2.- Reforzar las referencias. Salvador Assael creó el mercado de perlas negras, desconocidas para la industria antes de 1973. Su primer intento por venderlas fue un fracaso. Recurrió a un amigo suyo que le permitiera exhibirlas en su joyería de la Quinta Avenida de Nueva York a un precio exorbitante, al tiempo que compró publicidad en las revistas prestigiadas para élites y que sus perlas aparecieran junto a diamantes, rubíes y esmeraldas. ¿Resultado? Las perlas negras pronto fueron consideradas preciosas.

 

3.- Explotar las convenciones sociales. Un colegio de abogados le pidió a varios de sus miembros que ofrecieran sus servicios a precios módicos (digamos unos 100 pesos la hora) para personas de bajos recursos. ¿Resultado? Nadie se ofreció. Fue totalmente distinto cuando se solicitaron voluntarios para brindar servicios gratuitos, ahora sí se apuntaron varios.

 

4.- Comportamientos específicos. Ariely probó con sus alumnos.
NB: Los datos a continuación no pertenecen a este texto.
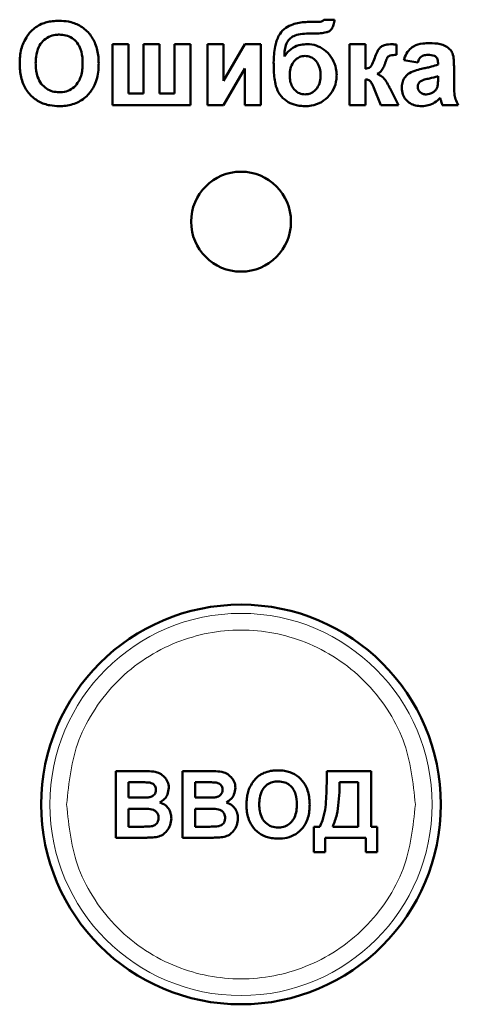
# Model space of a CAD drawing. Header units: millimetres. Extents: x 0 to 594, y 0 to 420.
# Tile 9 of 16: x 142.64 to 147.91, y 259.11 to 270.93. Entities that reach past the tile are written whole.
import ezdxf

# ---------------------------------------------------------------- set-up
doc = ezdxf.new("R2010")
doc.units = ezdxf.units.MM

msp = doc.modelspace()

# ---------------------------------------------------------------- linework, layer by layer
at = {"color": 7, "linetype": 'Continuous', "lineweight": 50}
for p, q in [((146.422, 270.931), (146.294, 270.931)), ((146.238, 270.905), (146.138, 270.905)), ((146.111, 270.764), (146.136, 270.764)), ((143.948, 270.636), (143.755, 270.636)), ((143.755, 270.636), (143.755, 269.905)), ((143.948, 270.046), (143.948, 270.636)), ((144.127, 270.636), (144.127, 270.046)), ((144.32, 270.636), (144.127, 270.636)), ((144.32, 270.046), (144.32, 270.636)), ((144.499, 270.636), (144.499, 270.046)), ((144.691, 270.636), (144.499, 270.636)), ((144.691, 269.905), (144.691, 270.636)), ((144.896, 270.636), (144.896, 269.905)), ((145.089, 270.636), (144.896, 270.636)), ((145.089, 270.195), (145.089, 270.636)), ((145.345, 270.636), (145.089, 270.195)), ((145.538, 270.636), (145.345, 270.636)), ((145.538, 269.905), (145.538, 270.636)), ((146.602, 270.636), (146.602, 269.905)), ((146.794, 270.636), (146.602, 270.636)), ((146.794, 270.341), (146.794, 270.636)), ((147.167, 270.508), (147.166, 270.632)), ((145.089, 269.905), (145.345, 270.346)), ((145.345, 270.346), (145.345, 269.905)), ((147.255, 270.444), (147.422, 270.418)), ((147.666, 270.41), (147.666, 270.392)), ((147.858, 270.144), (147.858, 270.369)), ((147.666, 270.251), (147.666, 270.215)), ((146.794, 269.905), (146.794, 270.213)), ((146.894, 270.114), (146.977, 269.905)), ((147.191, 269.905), (147.089, 270.103)), ((144.127, 270.046), (143.948, 270.046)), ((144.499, 270.046), (144.32, 270.046)), ((143.755, 269.905), (144.691, 269.905)), ((144.896, 269.905), (145.089, 269.905)), ((145.345, 269.905), (145.538, 269.905)), ((146.602, 269.905), (146.794, 269.905)), ((146.977, 269.905), (147.191, 269.905)), ((147.717, 269.905), (147.909, 269.905)), ((143.795, 261.105), (143.795, 261.905)), ((143.795, 261.905), (144.118, 261.905)), ((144.595, 261.105), (144.595, 261.905)), ((144.595, 261.905), (144.918, 261.905)), ((146.329, 261.82), (146.329, 261.905)), ((146.329, 261.905), (146.862, 261.905)), ((146.862, 261.905), (146.862, 261.238)), ((143.949, 261.772), (144.047, 261.772)), ((143.949, 261.587), (143.949, 261.772)), ((144.749, 261.772), (144.847, 261.772)), ((144.749, 261.587), (144.749, 261.772)), ((146.708, 261.772), (146.483, 261.772)), ((146.708, 261.238), (146.708, 261.772)), ((144.061, 261.587), (143.949, 261.587)), ((144.861, 261.587), (144.749, 261.587)), ((143.949, 261.454), (144.086, 261.454)), ((143.949, 261.238), (143.949, 261.454)), ((144.749, 261.454), (144.886, 261.454)), ((144.749, 261.238), (144.749, 261.454)), ((144.106, 261.238), (143.949, 261.238)), ((144.906, 261.238), (144.749, 261.238)), ((146.175, 261.238), (146.247, 261.238)), ((146.175, 260.931), (146.175, 261.238)), ((146.4, 261.238), (146.708, 261.238)), ((146.862, 261.238), (146.934, 261.238)), ((146.934, 261.238), (146.934, 260.931)), ((143.795, 261.105), (144.066, 261.105)), ((144.595, 261.105), (144.866, 261.105)), ((146.8, 261.105), (146.308, 261.105)), ((146.308, 261.105), (146.308, 260.931)), ((146.8, 260.931), (146.8, 261.105)), ((146.308, 260.931), (146.175, 260.931)), ((146.934, 260.931), (146.8, 260.931))]:
    msp.add_line(p, q, dxfattribs=at)
for centre, radius in [((145.299, 268.505), 0.6), ((145.299, 261.505), 2.4)]:
    msp.add_circle(centre, radius, dxfattribs=at)
at = {"color": 9, "linetype": 'Continuous', "lineweight": 18}
msp.add_circle((145.299, 261.505), 2.295, dxfattribs=at)
at = {"color": 7, "linetype": 'Continuous', "lineweight": 50}
for points, knots in [([(146.174, 270.763), (146.201, 270.764), (146.252, 270.765), (146.315, 270.775), (146.363, 270.792), (146.393, 270.825), (146.415, 270.872), (146.42, 270.91), (146.422, 270.931)], [0, 0, 0, 0, 0.232346, 0.439821, 0.553715, 0.669896, 0.820988, 1, 1, 1, 1]), ([(146.294, 270.931), (146.29, 270.926), (146.283, 270.915), (146.262, 270.906), (146.247, 270.906), (146.238, 270.905)], [0, 0, 0, 0, 0.291708, 0.588179, 1, 1, 1, 1]), ([(142.902, 270.879), (142.878, 270.866), (142.813, 270.833), (142.737, 270.753), (142.7, 270.683), (142.685, 270.653)], [0, 0, 0, 0, 0.2513182, 0.6894935, 1, 1, 1, 1]), ([(143.113, 270.918), (143.086, 270.917), (143.037, 270.915), (142.966, 270.902), (142.924, 270.887), (142.902, 270.879)], [0, 0, 0, 0, 0.371392, 0.682855, 1, 1, 1, 1]), ([(143.589, 270.404), (143.588, 270.43), (143.586, 270.511), (143.558, 270.639), (143.48, 270.772), (143.365, 270.866), (143.236, 270.912), (143.151, 270.916), (143.113, 270.918)], [0, 0, 0, 0, 0.101299, 0.305586, 0.491044, 0.676784, 0.856818, 1, 1, 1, 1]), ([(146.138, 270.905), (146.111, 270.904), (146.031, 270.903), (145.918, 270.881), (145.812, 270.821), (145.742, 270.73), (145.698, 270.591), (145.694, 270.48), (145.691, 270.416)], [0, 0, 0, 0, 0.1040237, 0.3137871, 0.4410688, 0.5690878, 0.7513955, 1, 1, 1, 1]), ([(142.832, 270.406), (142.833, 270.432), (142.835, 270.5), (142.859, 270.595), (142.916, 270.678), (142.987, 270.729), (143.058, 270.749), (143.101, 270.751), (143.115, 270.751)], [0, 0, 0, 0, 0.158617, 0.400864, 0.573059, 0.745486, 0.912985, 1, 1, 1, 1]), ([(143.115, 270.751), (143.142, 270.75), (143.196, 270.746), (143.273, 270.712), (143.335, 270.655), (143.383, 270.563), (143.395, 270.477), (143.396, 270.42), (143.396, 270.408)], [0, 0, 0, 0, 0.160292, 0.321922, 0.490761, 0.657569, 0.933883, 1, 1, 1, 1]), ([(145.82, 270.487), (145.821, 270.514), (145.823, 270.567), (145.839, 270.641), (145.879, 270.7), (145.936, 270.742), (146.017, 270.761), (146.078, 270.763), (146.111, 270.764)], [0, 0, 0, 0, 0.170833, 0.342689, 0.477544, 0.612291, 0.788474, 1, 1, 1, 1]), ([(146.136, 270.764), (146.139, 270.764), (146.146, 270.764), (146.158, 270.764), (146.168, 270.763), (146.174, 270.763)], [0, 0, 0, 0, 0.250004, 0.500009, 1, 1, 1, 1]), ([(142.685, 270.653), (142.675, 270.628), (142.656, 270.575), (142.643, 270.489), (142.641, 270.429), (142.64, 270.399)], [0, 0, 0, 0, 0.3086966, 0.6516314, 1, 1, 1, 1]), ([(146.097, 270.636), (146.07, 270.635), (146.009, 270.632), (145.918, 270.598), (145.854, 270.542), (145.828, 270.5), (145.82, 270.487)], [0, 0, 0, 0, 0.242715, 0.554839, 0.860812, 1, 1, 1, 1]), ([(146.448, 270.265), (146.446, 270.292), (146.442, 270.359), (146.401, 270.461), (146.326, 270.553), (146.23, 270.617), (146.15, 270.634), (146.106, 270.636), (146.097, 270.636)], [0, 0, 0, 0, 0.1423, 0.354009, 0.573292, 0.764241, 0.955763, 1, 1, 1, 1]), ([(146.982, 270.606), (146.973, 270.597), (146.952, 270.578), (146.927, 270.532), (146.913, 270.495), (146.905, 270.472)], [0, 0, 0, 0, 0.256986, 0.528182, 1, 1, 1, 1]), ([(147.093, 270.636), (147.079, 270.635), (147.055, 270.634), (147.017, 270.626), (146.995, 270.614), (146.982, 270.606)], [0, 0, 0, 0, 0.345727, 0.621036, 1, 1, 1, 1]), ([(147.166, 270.632), (147.159, 270.633), (147.146, 270.634), (147.121, 270.635), (147.104, 270.636), (147.093, 270.636)], [0, 0, 0, 0, 0.273959, 0.547919, 1, 1, 1, 1]), ([(147.561, 270.649), (147.535, 270.648), (147.47, 270.646), (147.38, 270.623), (147.307, 270.561), (147.272, 270.499), (147.259, 270.457), (147.255, 270.444)], [0, 0, 0, 0, 0.199112, 0.484676, 0.670105, 0.89787, 1, 1, 1, 1]), ([(147.858, 270.369), (147.857, 270.395), (147.856, 270.449), (147.847, 270.521), (147.809, 270.58), (147.756, 270.617), (147.671, 270.646), (147.604, 270.648), (147.561, 270.649)], [0, 0, 0, 0, 0.166246, 0.33334, 0.447204, 0.586985, 0.732154, 1, 1, 1, 1]), ([(145.884, 270.264), (145.885, 270.291), (145.888, 270.345), (145.922, 270.419), (145.973, 270.47), (146.026, 270.492), (146.056, 270.494), (146.069, 270.495)], [0, 0, 0, 0, 0.244641, 0.491657, 0.720949, 0.885535, 1, 1, 1, 1]), ([(146.069, 270.495), (146.091, 270.493), (146.136, 270.488), (146.193, 270.446), (146.237, 270.384), (146.254, 270.319), (146.255, 270.277), (146.255, 270.264)], [0, 0, 0, 0, 0.199338, 0.400664, 0.61964, 0.881803, 1, 1, 1, 1]), ([(146.905, 270.472), (146.896, 270.447), (146.883, 270.411), (146.862, 270.369), (146.837, 270.351), (146.814, 270.344), (146.799, 270.342), (146.794, 270.341)], [0, 0, 0, 0, 0.432635, 0.616007, 0.747523, 0.923299, 1, 1, 1, 1]), ([(147.029, 270.404), (147.033, 270.416), (147.04, 270.438), (147.053, 270.468), (147.063, 270.486), (147.071, 270.492), (147.073, 270.493)], [0, 0, 0, 0, 0.396996, 0.692239, 0.950594, 1, 1, 1, 1]), ([(147.073, 270.493), (147.079, 270.496), (147.096, 270.504), (147.129, 270.507), (147.154, 270.507), (147.167, 270.508)], [0, 0, 0, 0, 0.210676, 0.601608, 1, 1, 1, 1]), ([(147.422, 270.418), (147.428, 270.433), (147.438, 270.459), (147.463, 270.488), (147.497, 270.505), (147.525, 270.507), (147.542, 270.508)], [0, 0, 0, 0, 0.3054806, 0.4973686, 0.6904363, 1, 1, 1, 1]), ([(147.542, 270.508), (147.569, 270.507), (147.604, 270.507), (147.641, 270.486), (147.656, 270.466), (147.665, 270.44), (147.665, 270.421), (147.666, 270.41)], [0, 0, 0, 0, 0.4409117, 0.5599399, 0.679608, 0.8356965, 1, 1, 1, 1]), ([(142.64, 270.399), (142.641, 270.372), (142.643, 270.292), (142.672, 270.164), (142.752, 270.033), (142.866, 269.942), (142.994, 269.898), (143.078, 269.894), (143.116, 269.892)], [0, 0, 0, 0, 0.102074, 0.307977, 0.492555, 0.677222, 0.856714, 1, 1, 1, 1]), ([(143.115, 270.059), (143.089, 270.061), (143.034, 270.064), (142.958, 270.101), (142.894, 270.161), (142.844, 270.259), (142.833, 270.346), (142.832, 270.4), (142.832, 270.406)], [0, 0, 0, 0, 0.15971, 0.320429, 0.491074, 0.67705, 0.96629, 1, 1, 1, 1]), ([(143.396, 270.408), (143.396, 270.382), (143.393, 270.307), (143.365, 270.202), (143.296, 270.118), (143.221, 270.072), (143.157, 270.06), (143.122, 270.059), (143.115, 270.059)], [0, 0, 0, 0, 0.15859, 0.447239, 0.620381, 0.793575, 0.961295, 1, 1, 1, 1]), ([(143.116, 269.892), (143.143, 269.893), (143.223, 269.896), (143.354, 269.935), (143.476, 270.032), (143.562, 270.174), (143.587, 270.304), (143.588, 270.386), (143.589, 270.404)], [0, 0, 0, 0, 0.101986, 0.308793, 0.506227, 0.687491, 0.931082, 1, 1, 1, 1]), ([(145.691, 270.416), (145.692, 270.39), (145.693, 270.304), (145.701, 270.181), (145.744, 270.052), (145.818, 269.968), (145.914, 269.913), (145.999, 269.894), (146.051, 269.893), (146.064, 269.892)], [0, 0, 0, 0, 0.1084378, 0.3491966, 0.5003929, 0.652655, 0.7897876, 0.9461055, 1, 1, 1, 1]), ([(146.935, 270.28), (146.947, 270.286), (146.976, 270.301), (147.007, 270.346), (147.021, 270.384), (147.029, 270.404)], [0, 0, 0, 0, 0.25365, 0.595085, 1, 1, 1, 1]), ([(147.485, 270.344), (147.459, 270.338), (147.403, 270.326), (147.327, 270.298), (147.27, 270.248), (147.239, 270.189), (147.231, 270.142), (147.23, 270.115), (147.23, 270.111)], [0, 0, 0, 0, 0.209674, 0.45611, 0.62433, 0.792297, 0.968452, 1, 1, 1, 1]), ([(147.666, 270.392), (147.64, 270.383), (147.598, 270.369), (147.538, 270.355), (147.503, 270.348), (147.485, 270.344)], [0, 0, 0, 0, 0.429681, 0.71467, 1, 1, 1, 1]), ([(146.067, 270.033), (146.045, 270.036), (146, 270.041), (145.947, 270.079), (145.909, 270.131), (145.887, 270.194), (145.885, 270.24), (145.884, 270.264)], [0, 0, 0, 0, 0.199565, 0.400322, 0.576132, 0.780174, 1, 1, 1, 1]), ([(146.064, 269.892), (146.091, 269.893), (146.16, 269.896), (146.267, 269.934), (146.362, 270.016), (146.429, 270.122), (146.447, 270.211), (146.448, 270.259), (146.448, 270.265)], [0, 0, 0, 0, 0.1343778, 0.3494962, 0.553521, 0.7581713, 0.9671766, 1, 1, 1, 1]), ([(146.255, 270.264), (146.254, 270.237), (146.251, 270.183), (146.219, 270.112), (146.172, 270.064), (146.12, 270.037), (146.084, 270.035), (146.067, 270.033)], [0, 0, 0, 0, 0.242101, 0.486689, 0.67857, 0.840063, 1, 1, 1, 1]), ([(147.082, 270.117), (147.07, 270.141), (147.047, 270.189), (146.999, 270.251), (146.955, 270.271), (146.935, 270.28)], [0, 0, 0, 0, 0.3560837, 0.7148688, 1, 1, 1, 1]), ([(147.457, 270.192), (147.473, 270.199), (147.507, 270.214), (147.578, 270.227), (147.631, 270.242), (147.666, 270.251)], [0, 0, 0, 0, 0.234051, 0.508172, 1, 1, 1, 1]), ([(146.794, 270.213), (146.808, 270.212), (146.829, 270.211), (146.86, 270.188), (146.877, 270.153), (146.888, 270.126), (146.894, 270.114)], [0, 0, 0, 0, 0.2655036, 0.4139725, 0.7282899, 1, 1, 1, 1]), ([(147.089, 270.103), (147.089, 270.104), (147.087, 270.107), (147.085, 270.111), (147.083, 270.115), (147.082, 270.117)], [0, 0, 0, 0, 0.250043, 0.500094, 1, 1, 1, 1]), ([(147.23, 270.111), (147.232, 270.084), (147.236, 270.034), (147.275, 269.969), (147.328, 269.923), (147.396, 269.896), (147.444, 269.894), (147.469, 269.892)], [0, 0, 0, 0, 0.222319, 0.411804, 0.601009, 0.795937, 1, 1, 1, 1]), ([(147.422, 270.127), (147.423, 270.137), (147.425, 270.156), (147.44, 270.178), (147.452, 270.188), (147.457, 270.192)], [0, 0, 0, 0, 0.370992, 0.746266, 1, 1, 1, 1]), ([(147.523, 270.033), (147.509, 270.034), (147.485, 270.037), (147.454, 270.055), (147.434, 270.079), (147.423, 270.104), (147.423, 270.121), (147.422, 270.127)], [0, 0, 0, 0, 0.263878, 0.473917, 0.683179, 0.866416, 1, 1, 1, 1]), ([(147.659, 270.126), (147.657, 270.12), (147.652, 270.107), (147.639, 270.086), (147.625, 270.074), (147.616, 270.066)], [0, 0, 0, 0, 0.266084, 0.514485, 1, 1, 1, 1]), ([(147.666, 270.215), (147.666, 270.202), (147.665, 270.18), (147.664, 270.15), (147.66, 270.134), (147.659, 270.126)], [0, 0, 0, 0, 0.447478, 0.722712, 1, 1, 1, 1]), ([(147.909, 269.905), (147.897, 269.929), (147.874, 269.972), (147.859, 270.054), (147.858, 270.11), (147.858, 270.144)], [0, 0, 0, 0, 0.323762, 0.59123, 1, 1, 1, 1]), ([(147.469, 269.892), (147.496, 269.894), (147.55, 269.898), (147.628, 269.933), (147.67, 269.971), (147.692, 269.991)], [0, 0, 0, 0, 0.321929, 0.645532, 1, 1, 1, 1]), ([(147.616, 270.066), (147.606, 270.06), (147.589, 270.048), (147.558, 270.036), (147.536, 270.034), (147.523, 270.033)], [0, 0, 0, 0, 0.335472, 0.604358, 1, 1, 1, 1]), ([(147.692, 269.991), (147.693, 269.989), (147.694, 269.985), (147.696, 269.977), (147.698, 269.97), (147.699, 269.966)], [0, 0, 0, 0, 0.250122, 0.500258, 1, 1, 1, 1]), ([(147.699, 269.966), (147.701, 269.96), (147.704, 269.946), (147.71, 269.926), (147.715, 269.912), (147.717, 269.905)], [0, 0, 0, 0, 0.312676, 0.656202, 1, 1, 1, 1]), ([(144.118, 261.905), (144.144, 261.905), (144.203, 261.904), (144.285, 261.897), (144.356, 261.861), (144.403, 261.809), (144.429, 261.754), (144.431, 261.717), (144.431, 261.704)], [0, 0, 0, 0, 0.189374, 0.415534, 0.57816, 0.740903, 0.90565, 1, 1, 1, 1]), ([(144.918, 261.905), (144.944, 261.905), (145.003, 261.904), (145.085, 261.897), (145.156, 261.861), (145.203, 261.809), (145.229, 261.754), (145.231, 261.717), (145.231, 261.704)], [0, 0, 0, 0, 0.189374, 0.415534, 0.57816, 0.740903, 0.90565, 1, 1, 1, 1]), ([(145.4, 261.704), (145.413, 261.727), (145.445, 261.789), (145.507, 261.851), (145.56, 261.877), (145.574, 261.884)], [0, 0, 0, 0, 0.3142783, 0.8104714, 1, 1, 1, 1]), ([(145.574, 261.884), (145.6, 261.893), (145.64, 261.907), (145.697, 261.914), (145.728, 261.915), (145.743, 261.915)], [0, 0, 0, 0, 0.465946, 0.731676, 1, 1, 1, 1]), ([(145.743, 261.915), (145.77, 261.914), (145.838, 261.911), (145.944, 261.875), (146.039, 261.796), (146.105, 261.681), (146.122, 261.579), (146.123, 261.516), (146.124, 261.504)], [0, 0, 0, 0, 0.126835, 0.326225, 0.51912, 0.6994, 0.944414, 1, 1, 1, 1]), ([(146.247, 261.238), (146.257, 261.263), (146.303, 261.368), (146.325, 261.568), (146.328, 261.738), (146.329, 261.82)], [0, 0, 0, 0, 0.135394, 0.582002, 1, 1, 1, 1]), ([(144.047, 261.772), (144.06, 261.772), (144.087, 261.772), (144.135, 261.772), (144.17, 261.77), (144.192, 261.769)], [0, 0, 0, 0, 0.275415, 0.550828, 1, 1, 1, 1]), ([(144.192, 261.769), (144.205, 261.767), (144.227, 261.763), (144.254, 261.745), (144.269, 261.724), (144.277, 261.702), (144.277, 261.687), (144.277, 261.681)], [0, 0, 0, 0, 0.2949715, 0.4867639, 0.679036, 0.861474, 1, 1, 1, 1]), ([(144.431, 261.704), (144.428, 261.677), (144.422, 261.628), (144.381, 261.566), (144.343, 261.542), (144.323, 261.53)], [0, 0, 0, 0, 0.375945, 0.675759, 1, 1, 1, 1]), ([(144.847, 261.772), (144.86, 261.772), (144.887, 261.772), (144.935, 261.772), (144.97, 261.77), (144.992, 261.769)], [0, 0, 0, 0, 0.275415, 0.550828, 1, 1, 1, 1]), ([(144.992, 261.769), (145.005, 261.767), (145.027, 261.763), (145.054, 261.745), (145.069, 261.724), (145.077, 261.702), (145.077, 261.687), (145.077, 261.681)], [0, 0, 0, 0, 0.294971, 0.486764, 0.679036, 0.861474, 1, 1, 1, 1]), ([(145.231, 261.704), (145.228, 261.677), (145.222, 261.628), (145.181, 261.566), (145.143, 261.542), (145.123, 261.53)], [0, 0, 0, 0, 0.375945, 0.675759, 1, 1, 1, 1]), ([(145.365, 261.5), (145.365, 261.527), (145.367, 261.575), (145.378, 261.643), (145.393, 261.683), (145.4, 261.704)], [0, 0, 0, 0, 0.385504, 0.689688, 1, 1, 1, 1]), ([(145.518, 261.506), (145.519, 261.532), (145.522, 261.592), (145.547, 261.674), (145.598, 261.736), (145.658, 261.771), (145.71, 261.781), (145.739, 261.782), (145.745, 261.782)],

Los dividió en tres grupos: al primero le impuso la fecha para la entrega del trabajo; al segundo le permitió que no tuviera fecha formal de entrega, y al tercero, le permitió a los alumnos definir ellos mismos la fecha de entrega. ¿Resultado? El primer grupo obtuvo las mejores calificaciones y el segundo (sin fecha formal) las peores. El tercero quedó a la mitad.

 

5.- Utilizar el efecto de la posesión. En la Universidad de Duke se hacen colas durante varias semanas para conseguir boletos para el basquetbol, pero ni así hay garantía de poderlos obtener. Ariely comprobó que los alumnos que no habían lo conseguido estaban dispuestos a pagar 120 dólares por un boleto; en cambio, los que sí adquirieron no los hubieran vendido por menos de 1,600, es decir, hay una diferencia abismal entre los precios. Y es que hay tres fallas fundamentales en la naturaleza humana, afirma Iván Rivera. Nos enamoramos de lo que ya tenemos. Nos concentramos en lo que podríamos perder, más que en lo que podríamos ganar. Asumimos que los demás verán nuestras transacciones desde la misma perspectiva que nosotros.

 

6. ¿Cómo engendrar economías irracionales? La prueba se hizo con estudiantes universitarios. Debían escoger la cerveza que en su opinión era la mejor. Sin que lo supieran, una era Budweiser y la otra también Budweiser pero le añadían dos gotas de vinagre balsámico por cada 30 ml. ¿Resultado? La mayoría escogía la balsámica. Cuando conocían la verdad, sin embargo, cambiaban de opinión. Conclusión: si de entrada revelas un detalle que podría ser negativo, la gente estará de acuerdo contigo.

 

Muchos estudios hacen pensar que el agente económico no es ni perfectamente racional ni tan voluntarioso, ni tan egoísta, como lo ha supuesto la economía convencional. David Rodríguez, estudioso de cómo toman decisiones los individuos (con aplicaciones en finanzas y negocios, economía del hogar y otros), amablemente me envió un mail comentando esta columna y dándome información muy valiosa sobre la economía del comportamiento y en particular sobre Dan Ariely. Le agradezco profundamente su atención.